What you will do: Please transcribe exactly, and only, the lines of the data below between the line holding "#29016 = CARTESIAN_POINT( '', ( 0.0351, 0.082935, 0.083802" and the line holding "#29020 = CARTESIAN_POINT( '', ( 0.0351, 0.064644, 0.107139", inclusive.

Excerpts from a dataset:
===
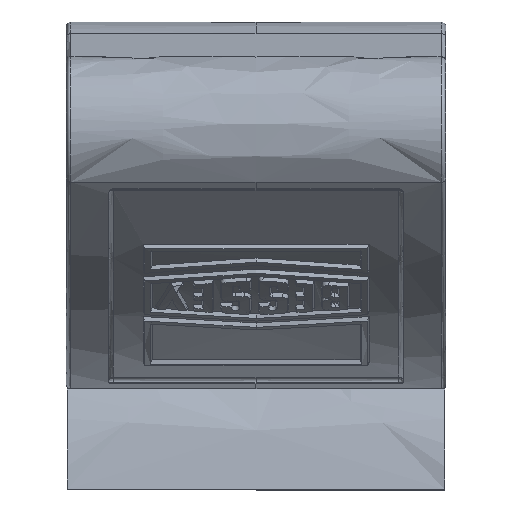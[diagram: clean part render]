
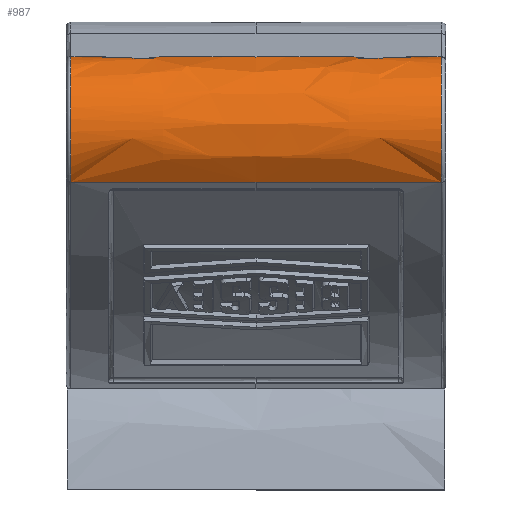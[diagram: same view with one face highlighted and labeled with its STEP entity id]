
A CAD part, top view. The second image highlights one B-rep face of the part: STEP entity #987.
In plain terms, the highlighted free-form (B-spline) face has degree [2, 1] with [7, 2] control points.
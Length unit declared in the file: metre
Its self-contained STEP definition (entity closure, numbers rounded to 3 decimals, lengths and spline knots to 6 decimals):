
#987 = ADVANCED_FACE( '', ( #2482 ), #2483, .T. );
#2482 = FACE_OUTER_BOUND( '', #6111, .T. );
#2483 = ( BOUNDED_SURFACE(  )B_SPLINE_SURFACE( 2, 1, ( ( #6114, #6115 ), ( #6116, #6117 ), ( #6118, #6119 ), ( #6120, #6121 ), ( #6122, #6123 ), ( #6124, #6125 ), ( #6126, #6127 ) ), .UNSPECIFIED., .F., .F., .F. )B_SPLINE_SURFACE_WITH_KNOTS( ( 3, 2, 2, 3 ), ( 2, 2 ), ( 0., 0.25, 0.5, 0.519236 ), ( 0.011111, 0.988889 ), .UNSPECIFIED. )GEOMETRIC_REPRESENTATION_ITEM(  )RATIONAL_B_SPLINE_SURFACE( ( ( 1., 1. ), ( 0.707, 0.707 ), ( 1., 1. ), ( 0.707, 0.707 ), ( 1., 1. ), ( 0.977, 0.977 ), ( 0.958, 0.958 ) ) )REPRESENTATION_ITEM( '' )SURFACE(  ) );
#6111 = EDGE_LOOP( '', ( #13664, #13665, #13666, #13667, #13668 ) );
#6114 = CARTESIAN_POINT( '', ( 0.0352, 0.05814, 0.101431 ) );
#6115 = CARTESIAN_POINT( '', ( -0.0352, 0.05814, 0.101431 ) );
#6116 = CARTESIAN_POINT( '', ( 0.0352, 0.068938, 0.110908 ) );
#6117 = CARTESIAN_POINT( '', ( -0.0352, 0.068938, 0.110908 ) );
#6118 = CARTESIAN_POINT( '', ( 0.0352, 0.078415, 0.10011 ) );
#6119 = CARTESIAN_POINT( '', ( -0.0352, 0.078415, 0.10011 ) );
#6120 = CARTESIAN_POINT( '', ( 0.0352, 0.087892, 0.089313 ) );
#6121 = CARTESIAN_POINT( '', ( -0.0352, 0.087892, 0.089313 ) );
#6122 = CARTESIAN_POINT( '', ( 0.0352, 0.077094, 0.079836 ) );
#6123 = CARTESIAN_POINT( '', ( -0.0352, 0.077094, 0.079836 ) );
#6124 = CARTESIAN_POINT( '', ( 0.0352, 0.076493, 0.079308 ) );
#6125 = CARTESIAN_POINT( '', ( -0.0352, 0.076493, 0.079308 ) );
#6126 = CARTESIAN_POINT( '', ( 0.0352, 0.075838, 0.07885 ) );
#6127 = CARTESIAN_POINT( '', ( -0.0352, 0.075838, 0.07885 ) );
#13664 = ORIENTED_EDGE( '', *, *, #17907, .T. );
#13665 = ORIENTED_EDGE( '', *, *, #17804, .T. );
#13666 = ORIENTED_EDGE( '', *, *, #17908, .F. );
#13667 = ORIENTED_EDGE( '', *, *, #17909, .T. );
#13668 = ORIENTED_EDGE( '', *, *, #17910, .T. );
#17804 = EDGE_CURVE( '', #20827, #20841, #20843, .T. );
#17907 = EDGE_CURVE( '', #19601, #20827, #21022, .T. );
#17908 = EDGE_CURVE( '', #20739, #20841, #21023, .T. );
#17909 = EDGE_CURVE( '', #20739, #21024, #21025, .T. );
#17910 = EDGE_CURVE( '', #21024, #19601, #21026, .T. );
#19601 = VERTEX_POINT( '', #23447 );
#20739 = VERTEX_POINT( '', #27817 );
#20827 = VERTEX_POINT( '', #28191 );
#20841 = VERTEX_POINT( '', #28320 );
#20843 = B_SPLINE_CURVE_WITH_KNOTS( '', 1, ( #28369, #28370 ), .UNSPECIFIED., .F., .F., ( 2, 2 ), ( 0., 0.975 ), .UNSPECIFIED. );
#21022 = B_SPLINE_CURVE_WITH_KNOTS( '', 1, ( #29011, #29012 ), .UNSPECIFIED., .F., .F., ( 2, 2 ), ( 0.025, 1. ), .UNSPECIFIED. );
#21023 = ( BOUNDED_CURVE(  )B_SPLINE_CURVE( 2, ( #29015, #29016, #29017, #29018, #29019, #29020, #29021 ), .UNSPECIFIED., .F., .F. )B_SPLINE_CURVE_WITH_KNOTS( ( 3, 2, 2, 3 ), ( 0., 0.333333, 0.666667, 1. ), .UNSPECIFIED. )CURVE(  )GEOMETRIC_REPRESENTATION_ITEM(  )RATIONAL_B_SPLINE_CURVE( ( 1., 0.857, 1., 0.857, 1., 0.857, 1. ) )REPRESENTATION_ITEM( '' ) );
#21024 = VERTEX_POINT( '', #29027 );
#21025 = ( BOUNDED_CURVE(  )B_SPLINE_CURVE( 1, ( #29030, #29031 ), .UNSPECIFIED., .F., .F. )B_SPLINE_CURVE_WITH_KNOTS( ( 2, 2 ), ( 0.0125, 0.9875 ), .UNSPECIFIED. )CURVE(  )GEOMETRIC_REPRESENTATION_ITEM(  )RATIONAL_B_SPLINE_CURVE( ( 0.958, 0.958 ) )REPRESENTATION_ITEM( '' ) );
#21026 = ( BOUNDED_CURVE(  )B_SPLINE_CURVE( 2, ( #29039, #29040, #29041, #29042, #29043, #29044, #29045 ), .UNSPECIFIED., .F., .F. )B_SPLINE_CURVE_WITH_KNOTS( ( 3, 2, 2, 3 ), ( 0., 0.037046, 0.518523, 1. ), .UNSPECIFIED. )CURVE(  )GEOMETRIC_REPRESENTATION_ITEM(  )RATIONAL_B_SPLINE_CURVE( ( 0.958, 0.977, 1., 0.707, 1., 0.707, 1. ) )REPRESENTATION_ITEM( '' ) );
#23447 = CARTESIAN_POINT( '', ( -0.0351, 0.05814, 0.101431 ) );
#27817 = CARTESIAN_POINT( '', ( 0.0351, 0.075838, 0.07885 ) );
#28191 = CARTESIAN_POINT( '', ( 0., 0.05814, 0.101431 ) );
#28320 = CARTESIAN_POINT( '', ( 0.0351, 0.05814, 0.101431 ) );
#28369 = CARTESIAN_POINT( '', ( 0., 0.05814, 0.101431 ) );
#28370 = CARTESIAN_POINT( '', ( 0.0351, 0.05814, 0.101431 ) );
#29011 = CARTESIAN_POINT( '', ( -0.0351, 0.05814, 0.101431 ) );
#29012 = CARTESIAN_POINT( '', ( 0., 0.05814, 0.101431 ) );
#29015 = CARTESIAN_POINT( '', ( 0.0351, 0.075838, 0.07885 ) );
#29016 = CARTESIAN_POINT( '', ( 0.0351, 0.082935, 0.083802 ) );
#29017 = CARTESIAN_POINT( '', ( 0.0351, 0.081876, 0.09239 ) );
#29018 = CARTESIAN_POINT( '', ( 0.0351, 0.080818, 0.100979 ) );
#29019 = CARTESIAN_POINT( '', ( 0.0351, 0.072731, 0.104059 ) );
#29020 = CARTESIAN_POINT( '', ( 0.0351, 0.064644, 0.107139 ) );
#29021 = CARTESIAN_POINT( '', ( 0.0351, 0.05814, 0.101431 ) );
#29027 = CARTESIAN_POINT( '', ( -0.0351, 0.075838, 0.07885 ) );
#29030 = CARTESIAN_POINT( '', ( 0.0351, 0.075838, 0.07885 ) );
#29031 = CARTESIAN_POINT( '', ( -0.0351, 0.075838, 0.07885 ) );
#29039 = CARTESIAN_POINT( '', ( -0.0351, 0.075838, 0.07885 ) );
#29040 = CARTESIAN_POINT( '', ( -0.0351, 0.076493, 0.079308 ) );
#29041 = CARTESIAN_POINT( '', ( -0.0351, 0.077094, 0.079836 ) );
#29042 = CARTESIAN_POINT( '', ( -0.0351, 0.087892, 0.089313 ) );
#29043 = CARTESIAN_POINT( '', ( -0.0351, 0.078415, 0.10011 ) );
#29044 = CARTESIAN_POINT( '', ( -0.0351, 0.068938, 0.110908 ) );
#29045 = CARTESIAN_POINT( '', ( -0.0351, 0.05814, 0.101431 ) );
===
Solved problem:
#29016 = CARTESIAN_POINT( '', ( 0.0351, 0.082935, 0.083802 ) );
#29017 = CARTESIAN_POINT( '', ( 0.0351, 0.081876, 0.09239 ) );
#29018 = CARTESIAN_POINT( '', ( 0.0351, 0.080818, 0.100979 ) );
#29019 = CARTESIAN_POINT( '', ( 0.0351, 0.072731, 0.104059 ) );
#29020 = CARTESIAN_POINT( '', ( 0.0351, 0.064644, 0.107139 ) );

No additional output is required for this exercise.